For the first time in a long time I feel safe, and part of me wants to stay here forever, sectioned from life and its pain, dressed in a gown, pumped full of medication and held by these blank, anonymous walls that surround me.
My legs are bare and they stick out beneath me like toothpicks. I see the scars and bruises on them and wonder how they got there. I try to say my name, but it takes me a moment to remember it and when I do it slips away again, like those trout I used to watch in the stream by my house. I look around, a woman shuffles past me and smiles at me, she shows me all her teeth when she does it. It disturbs me for a second, but then I relax and give her a little wave. A man sits by a television set in the corner, his hair is wild and unruly and his shoulders are hunched up around his neck. He is rocking slightly and shouting every time his team gets the ball. He must have felt me watching him because he turns round and gives me a stare as if to say what are you looking at? I shrug, he doesn’t scare me; I’ve been in tighter spots. I can’t stop yawning. I see a man across the lawn that lies in front of the building; he is raking leaves, piling them high and then dumping them into black bin bags which he has trouble controlling in the brisk wind. I watch as they flap around his body like big black tongues.

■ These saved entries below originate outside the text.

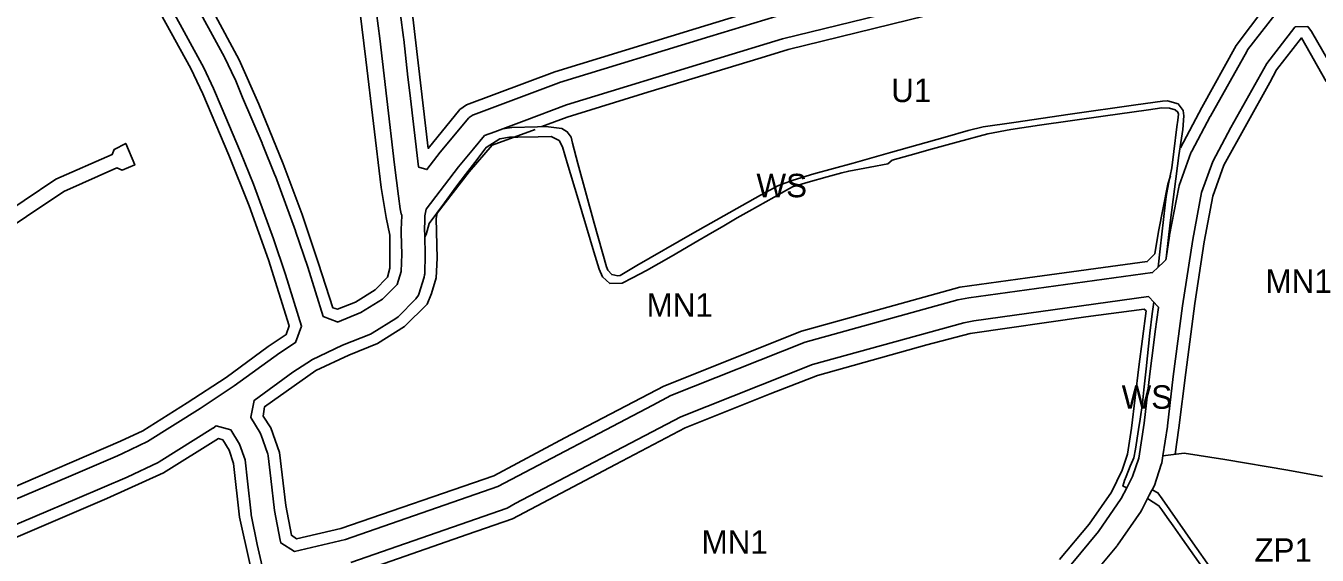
# Model space of a CAD drawing. Extents: x -284239 to -281592, y 34477 to 37267.
# Drawn here: x -283094 to -282544, y 35090 to 35315 of the extents above; entities that cross this region are included whole.
import ezdxf

# ---------------------------------------------------------------- set-up
doc = ezdxf.new("R2010")
doc.units = 0
for name, color, linetype in [('linie_rozgraniczajace', 7, 'Continuous'), ('linie_zabudowy_nieprzekraczalne', 7, 'Continuous'), ('oznaczenia_przeznaczen', 7, 'Continuous')]:
    doc.layers.add(name, color=color, linetype=linetype)

msp = doc.modelspace()

# ---------------------------------------------------------------- linework, layer by layer
at = {"layer": 'linie_rozgraniczajace'}
for points in [[(-283023.658, 35328.372), (-283009.305, 35301.979), (-283009.197, 35301.753), (-283009.173, 35301.719), (-283004.94, 35292.724), (-283004.917, 35292.623), (-283004.852, 35292.526), (-283001.616, 35284.8), (-282993.288, 35265.235), (-282993.278, 35265.188), (-282993.252, 35265.149), (-282987.696, 35251.39), (-282987.679, 35251.301), (-282987.636, 35251.234), (-282979.103, 35227.885), (-282979.09, 35227.81), (-282979.06, 35227.762), (-282973.899, 35212.407), (-282973.872, 35212.328), (-282967.245, 35191.382), (-282961.276, 35188.995), (-282961.263, 35188.954), (-282951.282, 35192.968), (-282942.065, 35198.699), (-282935.719, 35205.045), (-282934.007, 35210.499), (-282933.779, 35217.954), (-282934.057, 35226.861), (-282934.112, 35228.637), (-282933.97, 35231.156), (-282933.777, 35234.578), (-282934.115, 35235.158), (-282934.443, 35237.237), (-282935.209, 35242.6), (-282936.851, 35256.062), (-282940.134, 35284.188), (-282943.089, 35309.907), (-282946.701, 35337.049)], [(-282946.701, 35337.049), (-282943.089, 35309.907), (-282940.134, 35284.188), (-282936.851, 35256.062), (-282935.209, 35242.6), (-282934.443, 35237.237), (-282934.115, 35235.158), (-282933.777, 35234.578), (-282933.97, 35231.156), (-282934.112, 35228.637), (-282934.057, 35226.861), (-282933.779, 35217.954), (-282934.007, 35210.499), (-282935.719, 35205.045), (-282942.065, 35198.699), (-282951.282, 35192.968), (-282961.263, 35188.954), (-282961.276, 35188.995), (-282967.245, 35191.382), (-282973.872, 35212.328), (-282973.899, 35212.407), (-282979.06, 35227.762), (-282979.09, 35227.81), (-282979.103, 35227.885), (-282987.636, 35251.234), (-282987.679, 35251.301), (-282987.696, 35251.39), (-282993.252, 35265.149), (-282993.278, 35265.188), (-282993.288, 35265.235), (-283001.616, 35284.8), (-283004.852, 35292.526), (-283004.917, 35292.623), (-283004.94, 35292.724), (-283009.173, 35301.719), (-283009.197, 35301.753), (-283009.305, 35301.979), (-283023.658, 35328.372)], [(-282694.667, 35328.625), (-282771.562, 35309.736), (-282799.549, 35301.163), (-282863.566, 35281.553), (-282881.651, 35274.78), (-282890.74, 35271.377), (-282894.135, 35270.105), (-282898.529, 35268.46), (-282903.235, 35262.813), (-282909.578, 35255.201), (-282923.4, 35237.093), (-282923.928, 35234.259), (-282923.942, 35233.856), (-282923.996, 35232.362), (-282924.021, 35231.655), (-282924.117, 35228.949), (-282924.005, 35225.338), (-282923.999, 35225.17), (-282923.779, 35218.112), (-282923.807, 35217.958), (-282923.779, 35217.803), (-282924.033, 35209.505), (-282924.106, 35209.163), (-282924.26, 35208.161), (-282926.546, 35200.879), (-282926.697, 35200.464), (-282927.781, 35198.841), (-282935.401, 35191.221), (-282936.296, 35190.511), (-282946.371, 35184.246), (-282947.135, 35183.86), (-282959.042, 35179.069), (-282972.154, 35172.797), (-282972.206, 35172.77), (-282972.25, 35172.734), (-282980.259, 35167.562), (-282996.763, 35155.536), (-282998.093, 35148.443), (-282998.167, 35148.266), (-282994.172, 35141.677), (-282993.829, 35140.998), (-282993.802, 35140.862), (-282993.737, 35140.76), (-282990.995, 35133.051), (-282990.936, 35132.711), (-282990.74, 35131.953), (-282989.61, 35122.243), (-282989.608, 35122.213), (-282988.114, 35108.525), (-282985.61, 35096.001), (-282985.602, 35095.928), (-282985.585, 35095.867), (-282985.352, 35094.79), (-282979.54, 35091.157), (-282957.716, 35096.262), (-282892.893, 35118.884), (-282826.879, 35153.545), (-282819.074, 35157.58), (-282761.924, 35180.334), (-282696.836, 35198.392), (-282692.074, 35199.318), (-282613.838, 35210.056), (-282611.493, 35212.337), (-282609.231, 35214.536), (-282608.197, 35215.542), (-282608.095, 35216.198), (-282606.594, 35225.797), (-282606.576, 35225.864), (-282606.567, 35225.956), (-282602.687, 35246.429), (-282602.508, 35247.029), (-282602.481, 35247.188), (-282597.467, 35261.155), (-282597.406, 35261.251), (-282597.38, 35261.379), (-282597.171, 35261.821), (-282589.225, 35276.694), (-282589.186, 35276.769), (-282573.726, 35304.405), (-282573.512, 35304.688), (-282573.319, 35305.021), (-282561.18, 35320.73)], [(-282935.563, 35329.754), (-282933.055, 35310.346), (-282932.95, 35309.401), (-282931.166, 35293.439), (-282930.409, 35286.666), (-282926.654, 35255.132), (-282926.573, 35254.982), (-282923.107, 35253.958), (-282917.462, 35261.353), (-282917.358, 35261.472), (-282917.329, 35261.52), (-282905.363, 35275.879), (-282905.058, 35276.214), (-282903.435, 35277.297), (-282903.346, 35277.315), (-282903.276, 35277.36), (-282866.93, 35290.971), (-282866.899, 35290.977), (-282866.641, 35291.07), (-282802.477, 35310.724), (-282774.356, 35319.339)], [(-282774.356, 35319.339), (-282802.477, 35310.724), (-282866.641, 35291.07), (-282866.899, 35290.977), (-282866.93, 35290.971), (-282903.276, 35277.36), (-282903.346, 35277.315), (-282903.435, 35277.297), (-282905.058, 35276.214), (-282905.363, 35275.879), (-282917.329, 35261.52), (-282917.358, 35261.472), (-282917.462, 35261.353), (-282923.107, 35253.958), (-282926.573, 35254.982), (-282926.654, 35255.132), (-282930.409, 35286.666), (-282931.166, 35293.439), (-282932.95, 35309.401), (-282933.055, 35310.346), (-282935.563, 35329.754)], [(-282561.18, 35320.73), (-282573.319, 35305.021), (-282573.512, 35304.688), (-282573.726, 35304.405), (-282589.186, 35276.769), (-282589.225, 35276.694), (-282597.171, 35261.821), (-282597.38, 35261.379), (-282597.406, 35261.251), (-282597.467, 35261.155), (-282602.481, 35247.188), (-282602.508, 35247.029), (-282602.687, 35246.429), (-282606.567, 35225.956), (-282606.576, 35225.864), (-282606.594, 35225.797), (-282608.095, 35216.198), (-282606.314, 35231.254), (-282602.652, 35260.056), (-282600.969, 35271.042), (-282600.474, 35276.981), (-282600.771, 35279.258), (-282602.949, 35282.029), (-282607.502, 35283.316), (-282609.58, 35283.118), (-282620.963, 35281.633), (-282648.973, 35277.674), (-282673.024, 35274.111), (-282685.99, 35272.23), (-282692.424, 35270.647), (-282702.222, 35267.875), (-282725.581, 35261.343), (-282741.417, 35256.79), (-282758.243, 35252.237), (-282767.052, 35249.466), (-282773.189, 35247.189), (-282780.909, 35243.131), (-282809.909, 35226.701), (-282833.565, 35213.042), (-282840.691, 35208.786), (-282841.78, 35208.687), (-282844.353, 35209.182), (-282846.036, 35211.161), (-282846.531, 35212.547), (-282851.875, 35231.155), (-282858.804, 35256.592), (-282861.08, 35265.203), (-282861.575, 35267.875), (-282863.258, 35270.152), (-282865.633, 35271.537), (-282872.364, 35272.329), (-282876.026, 35272.23), (-282886.913, 35271.933), (-282890.74, 35271.377), (-282881.651, 35274.78), (-282863.566, 35281.553), (-282799.549, 35301.163), (-282771.562, 35309.736), (-282694.667, 35328.625)], [(-283112.522, 35107.515), (-283075.89, 35122.924), (-283054.998, 35131.962), (-283052.874, 35132.963), (-283042.222, 35137.979), (-283019.712, 35152.137), (-283005.291, 35161.695), (-282985.803, 35175.885), (-282979.105, 35180.211), (-282976.471, 35187.274), (-282983.394, 35209.273), (-282988.518, 35224.513), (-282997, 35247.723), (-283002.507, 35261.361), (-283010.83, 35280.914), (-283014.034, 35288.563), (-283018.159, 35297.33), (-283032.338, 35323.4)], [(-283032.338, 35323.4), (-283018.159, 35297.33), (-283014.034, 35288.563), (-283010.83, 35280.914), (-283002.507, 35261.361), (-282997, 35247.723), (-282988.518, 35224.513), (-282983.394, 35209.273), (-282976.471, 35187.274), (-282979.105, 35180.211), (-282985.803, 35175.885), (-283005.291, 35161.695), (-283019.712, 35152.137), (-283042.222, 35137.979), (-283052.874, 35132.963), (-283054.998, 35131.962), (-283075.89, 35122.924), (-283112.522, 35107.515)], [(-282537.013, 35297.146), (-282546.171, 35312.91), (-282547.725, 35315.01), (-282553.104, 35314.833), (-282553.156, 35314.763), (-282553.208, 35314.701), (-282553.23, 35314.664), (-282565.18, 35299.2), (-282580.435, 35271.929), (-282588.178, 35257.432), (-282592.935, 35244.18), (-282596.727, 35224.173), (-282601.146, 35195.903), (-282605.095, 35165.691), (-282607.429, 35144.68), (-282607.449, 35144.605), (-282607.462, 35144.44), (-282609.48, 35131.862), (-282609.945, 35128.969), (-282610.093, 35128.446), (-282610.133, 35128.196), (-282613.08, 35119.3), (-282614.042, 35117.421), (-282614.271, 35116.975), (-282615.248, 35115.07), (-282615.946, 35113.707), (-282616.108, 35113.39), (-282618.41, 35108.899), (-282618.53, 35108.734), (-282618.744, 35108.341), (-282628.82, 35093.777), (-282629.01, 35093.549), (-282629.078, 35093.436), (-282637.614, 35083.111)], [(-282541.458, 35123.137), (-282556.202, 35125.799), (-282582.987, 35130.277), (-282600.308, 35133.065), (-282609.48, 35131.862), (-282607.462, 35144.44), (-282607.449, 35144.605), (-282607.429, 35144.68), (-282605.095, 35165.691), (-282601.146, 35195.903), (-282596.727, 35224.173), (-282592.935, 35244.18), (-282588.178, 35257.432), (-282580.435, 35271.929), (-282565.18, 35299.2), (-282553.23, 35314.664), (-282553.208, 35314.701), (-282553.156, 35314.763), (-282553.104, 35314.833), (-282547.725, 35315.01), (-282546.171, 35312.91), (-282537.013, 35297.146)], [(-282924.117, 35228.949), (-282924.021, 35231.655), (-282923.996, 35232.362), (-282923.942, 35233.856), (-282923.928, 35234.259), (-282923.4, 35237.093), (-282909.578, 35255.201), (-282903.235, 35262.813), (-282898.529, 35268.46), (-282894.135, 35270.105), (-282890.74, 35271.377), (-282886.913, 35271.933), (-282876.026, 35272.23), (-282872.364, 35272.329), (-282865.633, 35271.537), (-282863.258, 35270.152), (-282861.575, 35267.875), (-282861.08, 35265.203), (-282858.804, 35256.592), (-282851.875, 35231.155), (-282846.531, 35212.547), (-282846.036, 35211.161), (-282844.353, 35209.182), (-282841.78, 35208.687), (-282840.691, 35208.786), (-282833.565, 35213.042), (-282809.909, 35226.701), (-282780.909, 35243.131), (-282773.189, 35247.189), (-282767.052, 35249.466), (-282758.243, 35252.237), (-282741.417, 35256.79), (-282725.581, 35261.343), (-282702.222, 35267.875), (-282692.424, 35270.647), (-282685.99, 35272.23), (-282673.024, 35274.111), (-282648.973, 35277.674), (-282620.963, 35281.633), (-282609.58, 35283.118), (-282607.502, 35283.316), (-282602.949, 35282.029), (-282600.771, 35279.258), (-282600.474, 35276.981), (-282600.969, 35271.042), (-282602.652, 35260.056), (-282606.314, 35231.254), (-282608.095, 35216.198), (-282608.197, 35215.542), (-282609.231, 35214.536), (-282611.493, 35212.337), (-282610.599, 35220.236), (-282608.483, 35238.944), (-282608.08, 35242.51), (-282606.99, 35247.844), (-282605.58, 35254.74), (-282604.732, 35261.764), (-282603.473, 35272.193), (-282603.118, 35275.128), (-282602.82, 35277.6), (-282603.12, 35278.49), (-282604.24, 35279.47), (-282606.68, 35280.19), (-282609.92, 35280.28), (-282615.628, 35279.48), (-282634.855, 35276.784), (-282662.073, 35272.967), (-282674.273, 35271.038), (-282684.05, 35269.26), (-282696.687, 35265.861), (-282707.67, 35262.79), (-282717.19, 35260.11), (-282724.87, 35258), (-282726.63, 35256.45), (-282734.19, 35255.04), (-282743.3, 35253.34), (-282746.245, 35252.571), (-282752.45, 35250.95), (-282760.58, 35248.58), (-282767.32, 35246.57), (-282769.817, 35245.174), (-282775.145, 35242.195), (-282785.787, 35236.245), (-282790.84, 35233.42), (-282796.599, 35230.047), (-282803.161, 35226.203), (-282807.64, 35223.58), (-282818.933, 35216.912), (-282829.539, 35210.992), (-282835.468, 35207.844), (-282839.92, 35205.48), (-282845.12, 35205.37), (-282848.24, 35208.28), (-282849.73, 35211.48), (-282851.937, 35218.86), (-282858.667, 35241.367), (-282863.298, 35256.857), (-282865.35, 35263.72), (-282866.73, 35266.42), (-282870.09, 35268.05)], [(-282998.167, 35148.266), (-282998.093, 35148.443), (-282996.763, 35155.536), (-282980.259, 35167.562), (-282972.25, 35172.734), (-282972.206, 35172.77), (-282972.154, 35172.797), (-282959.042, 35179.069), (-282947.135, 35183.86), (-282946.371, 35184.246), (-282936.296, 35190.511), (-282935.401, 35191.221), (-282927.781, 35198.841), (-282926.697, 35200.464), (-282926.546, 35200.879), (-282924.26, 35208.161), (-282924.106, 35209.163), (-282924.033, 35209.505), (-282923.779, 35217.803), (-282923.807, 35217.958), (-282923.779, 35218.112), (-282923.999, 35225.17), (-282924.005, 35225.338), (-282923.47, 35226.27), (-282922.12, 35231.05), (-282915.647, 35239.799), (-282910.32, 35247), (-282906.628, 35251.852), (-282902.694, 35257.023), (-282898.23, 35262.89), (-282897.87, 35263.47), (-282891.99, 35267.17), (-282887.87, 35267.78), (-282884.366, 35267.833), (-282875.676, 35267.965), (-282870.09, 35268.05), (-282866.73, 35266.42), (-282865.35, 35263.72), (-282863.298, 35256.857), (-282858.667, 35241.367), (-282851.937, 35218.86), (-282849.73, 35211.48), (-282848.24, 35208.28), (-282845.12, 35205.37), (-282839.92, 35205.48), (-282835.468, 35207.844), (-282829.539, 35210.992), (-282818.933, 35216.912), (-282807.64, 35223.58), (-282803.161, 35226.203), (-282796.599, 35230.047), (-282790.84, 35233.42), (-282785.787, 35236.245), (-282775.145, 35242.195), (-282769.817, 35245.174), (-282767.32, 35246.57), (-282760.58, 35248.58), (-282752.45, 35250.95), (-282746.245, 35252.571), (-282743.3, 35253.34), (-282734.19, 35255.04), (-282726.63, 35256.45), (-282724.87, 35258), (-282717.19, 35260.11), (-282707.67, 35262.79), (-282696.687, 35265.861), (-282684.05, 35269.26), (-282674.273, 35271.038), (-282662.073, 35272.967), (-282634.855, 35276.784), (-282615.628, 35279.48), (-282609.92, 35280.28), (-282606.68, 35280.19), (-282604.24, 35279.47), (-282603.12, 35278.49), (-282602.82, 35277.6), (-282603.118, 35275.128), (-282603.473, 35272.193), (-282604.732, 35261.764), (-282605.58, 35254.74), (-282606.99, 35247.844), (-282608.08, 35242.51), (-282608.483, 35238.944), (-282610.599, 35220.236), (-282611.493, 35212.337), (-282613.838, 35210.056), (-282692.074, 35199.318), (-282696.836, 35198.392), (-282761.924, 35180.334), (-282819.074, 35157.58), (-282826.879, 35153.545), (-282892.893, 35118.884), (-282957.716, 35096.262), (-282979.54, 35091.157), (-282985.352, 35094.79), (-282985.585, 35095.867), (-282985.602, 35095.928), (-282985.61, 35096.001), (-282988.114, 35108.525), (-282989.608, 35122.213)], [(-282870.09, 35268.05), (-282875.676, 35267.965), (-282884.366, 35267.833), (-282887.87, 35267.78), (-282891.99, 35267.17), (-282897.87, 35263.47), (-282898.23, 35262.89), (-282902.694, 35257.023), (-282906.628, 35251.852), (-282910.32, 35247), (-282915.647, 35239.799), (-282922.12, 35231.05), (-282923.47, 35226.27), (-282924.005, 35225.338), (-282924.117, 35228.949)], [(-283141.198, 35202.325), (-283077.863, 35244.694), (-283055.241, 35254.682), (-283052.992, 35253.756), (-283047.568, 35256.005), (-283051.404, 35265.133), (-283056.431, 35262.619), (-283057.225, 35260.37), (-283081.17, 35249.919), (-283148.903, 35204.411)], [(-283148.903, 35204.411), (-283081.17, 35249.919), (-283057.225, 35260.37), (-283056.431, 35262.619), (-283051.404, 35265.133), (-283047.568, 35256.005), (-283052.992, 35253.756), (-283055.241, 35254.682), (-283077.863, 35244.694), (-283141.198, 35202.325)], [(-282648.507, 35085.628), (-282636.922, 35099.643), (-282627.153, 35113.763), (-282624.836, 35118.27), (-282622.325, 35123.152), (-282619.755, 35130.948), (-282617.354, 35145.905), (-282615.028, 35166.843), (-282615.021, 35166.871), (-282615.016, 35166.939), (-282613.282, 35180.21), (-282612.662, 35184.951), (-282611.319, 35195.229), (-282611.311, 35195.288), (-282611.839, 35195.845), (-282613.331, 35197.422), (-282615.476, 35199.688), (-282615.596, 35199.802), (-282689.957, 35189.528), (-282694.323, 35188.668), (-282758.749, 35170.809), (-282814.841, 35148.518), (-282885.484, 35111.542), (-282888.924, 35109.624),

They told me that I will have an assessment this afternoon. A woman nurse came into the ward and sat on the end of my bed and smiled and patted the shape of my feet. She had a small tight smile, well rehearsed, and no bigger than it needed to be.
‘How are you feeling?’
‘Okay.’
‘Good. You look a little better.’
‘Right.’
‘My name is Bridget.’
I remember looking at her and thinking that I could love her. Her hair is a dirty blonde colour and her eyes have that patience that comes from sitting and watching people in pain, the same look that my sister has.
‘I’m…’
‘I know it’s tough. It’s a tough time. It seems you went on quite a journey…’
‘I suppose.’
‘Here, take these.’
She holds out three little pills. I look at her for a moment before reaching out for them.
‘How long have I been here?’
‘Here in this ward?’
I nod.
‘Just overnight. We moved you in here yesterday evening. Before that you had your own little room for a while. Do you remember?’
‘Yeah.’
‘You’ve been pretty sick…’
‘Right.’
Yes, I could fall in love with her, with her measured humanity and her tight-uniformed body.
‘Anyway, Doctor Garland will go through all that with you as will Doctor Burke. Until then rest. And if you want you can go into the recreation ward and smoke or read. Whatever you want to do.’
‘What’s your name?’
‘I told you – Bridget.’
‘Right. You did.’
‘Where are my clothes?’
‘I’m afraid I can’t give you those.’
‘Why?’
‘It’s policy.’
I don’t say anything but look away. She leans into me and whispers softly in my ear.
‘Have faith, Gabriel.’
I nod. I want to believe her, I really do but there is a fear in me that I’m not sure will ever leave. I look at her as she walks away, just before the ward doors she turns and smiles at me.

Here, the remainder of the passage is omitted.